[Start of Attachment]

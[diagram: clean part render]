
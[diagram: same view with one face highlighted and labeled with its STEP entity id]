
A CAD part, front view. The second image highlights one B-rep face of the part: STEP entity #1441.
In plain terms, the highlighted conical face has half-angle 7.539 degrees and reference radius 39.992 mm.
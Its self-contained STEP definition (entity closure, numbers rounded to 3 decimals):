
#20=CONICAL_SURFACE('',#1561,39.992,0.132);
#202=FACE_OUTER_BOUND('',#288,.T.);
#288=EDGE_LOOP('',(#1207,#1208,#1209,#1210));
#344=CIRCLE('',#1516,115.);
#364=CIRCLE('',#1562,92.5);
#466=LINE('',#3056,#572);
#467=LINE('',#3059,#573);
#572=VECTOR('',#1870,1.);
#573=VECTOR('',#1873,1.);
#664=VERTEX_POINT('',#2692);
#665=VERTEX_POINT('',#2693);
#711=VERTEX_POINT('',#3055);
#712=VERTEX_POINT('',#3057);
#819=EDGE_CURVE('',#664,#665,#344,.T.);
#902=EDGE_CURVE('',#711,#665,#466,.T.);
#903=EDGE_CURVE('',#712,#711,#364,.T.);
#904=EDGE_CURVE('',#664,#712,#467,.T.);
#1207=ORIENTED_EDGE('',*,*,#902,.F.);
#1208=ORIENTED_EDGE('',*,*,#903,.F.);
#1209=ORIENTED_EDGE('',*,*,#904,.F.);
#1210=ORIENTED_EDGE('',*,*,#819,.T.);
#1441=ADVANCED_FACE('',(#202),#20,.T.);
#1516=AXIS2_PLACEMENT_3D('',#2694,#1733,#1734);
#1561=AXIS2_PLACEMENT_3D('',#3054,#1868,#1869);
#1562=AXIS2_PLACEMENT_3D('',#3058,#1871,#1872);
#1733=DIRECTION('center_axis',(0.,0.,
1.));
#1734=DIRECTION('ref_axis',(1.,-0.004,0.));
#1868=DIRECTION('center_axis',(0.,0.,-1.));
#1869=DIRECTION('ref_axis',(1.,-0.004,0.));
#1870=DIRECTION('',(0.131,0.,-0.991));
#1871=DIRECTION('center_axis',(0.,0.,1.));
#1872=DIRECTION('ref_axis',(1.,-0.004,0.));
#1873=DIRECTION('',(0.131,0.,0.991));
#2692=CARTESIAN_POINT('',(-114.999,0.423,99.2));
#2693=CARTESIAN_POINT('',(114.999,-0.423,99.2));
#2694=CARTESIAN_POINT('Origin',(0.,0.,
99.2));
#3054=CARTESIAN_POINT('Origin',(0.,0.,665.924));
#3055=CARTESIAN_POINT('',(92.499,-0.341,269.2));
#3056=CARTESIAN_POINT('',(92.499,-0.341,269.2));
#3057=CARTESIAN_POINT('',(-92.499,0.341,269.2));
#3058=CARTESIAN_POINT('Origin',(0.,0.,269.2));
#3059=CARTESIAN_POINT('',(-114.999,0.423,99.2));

[End of Attachment]

• _PROBLEM DETAILS_
Write the data above out again in full, exactly.

• _RESULT OF THE EXERCISE_
[diagram: clean part render]
[diagram: same view with one face highlighted and labeled with its STEP entity id]
A CAD part, front view. The second image highlights one B-rep face of the part: STEP entity #1441.
In plain terms, the highlighted conical face has half-angle 7.539 degrees and reference radius 39.992 mm.
Its self-contained STEP definition (entity closure, numbers rounded to 3 decimals):
#20=CONICAL_SURFACE('',#1561,39.992,0.132);
#202=FACE_OUTER_BOUND('',#288,.T.);
#288=EDGE_LOOP('',(#1207,#1208,#1209,#1210));
#344=CIRCLE('',#1516,115.);
#364=CIRCLE('',#1562,92.5);
#466=LINE('',#3056,#572);
#467=LINE('',#3059,#573);
#572=VECTOR('',#1870,1.);
#573=VECTOR('',#1873,1.);
#664=VERTEX_POINT('',#2692);
#665=VERTEX_POINT('',#2693);
#711=VERTEX_POINT('',#3055);
#712=VERTEX_POINT('',#3057);
#819=EDGE_CURVE('',#664,#665,#344,.T.);
#902=EDGE_CURVE('',#711,#665,#466,.T.);
#903=EDGE_CURVE('',#712,#711,#364,.T.);
#904=EDGE_CURVE('',#664,#712,#467,.T.);
#1207=ORIENTED_EDGE('',*,*,#902,.F.);
#1208=ORIENTED_EDGE('',*,*,#903,.F.);
#1209=ORIENTED_EDGE('',*,*,#904,.F.);
#1210=ORIENTED_EDGE('',*,*,#819,.T.);
#1441=ADVANCED_FACE('',(#202),#20,.T.);
#1516=AXIS2_PLACEMENT_3D('',#2694,#1733,#1734);
#1561=AXIS2_PLACEMENT_3D('',#3054,#1868,#1869);
#1562=AXIS2_PLACEMENT_3D('',#3058,#1871,#1872);
#1733=DIRECTION('center_axis',(0.,0.,
1.));
#1734=DIRECTION('ref_axis',(1.,-0.004,0.));
#1868=DIRECTION('center_axis',(0.,0.,-1.));
#1869=DIRECTION('ref_axis',(1.,-0.004,0.));
#1870=DIRECTION('',(0.131,0.,-0.991));
#1871=DIRECTION('center_axis',(0.,0.,1.));
#1872=DIRECTION('ref_axis',(1.,-0.004,0.));
#1873=DIRECTION('',(0.131,0.,0.991));
#2692=CARTESIAN_POINT('',(-114.999,0.423,99.2));
#2693=CARTESIAN_POINT('',(114.999,-0.423,99.2));
#2694=CARTESIAN_POINT('Origin',(0.,0.,
99.2));
#3054=CARTESIAN_POINT('Origin',(0.,0.,665.924));
#3055=CARTESIAN_POINT('',(92.499,-0.341,269.2));
#3056=CARTESIAN_POINT('',(92.499,-0.341,269.2));
#3057=CARTESIAN_POINT('',(-92.499,0.341,269.2));
#3058=CARTESIAN_POINT('Origin',(0.,0.,269.2));
#3059=CARTESIAN_POINT('',(-114.999,0.423,99.2));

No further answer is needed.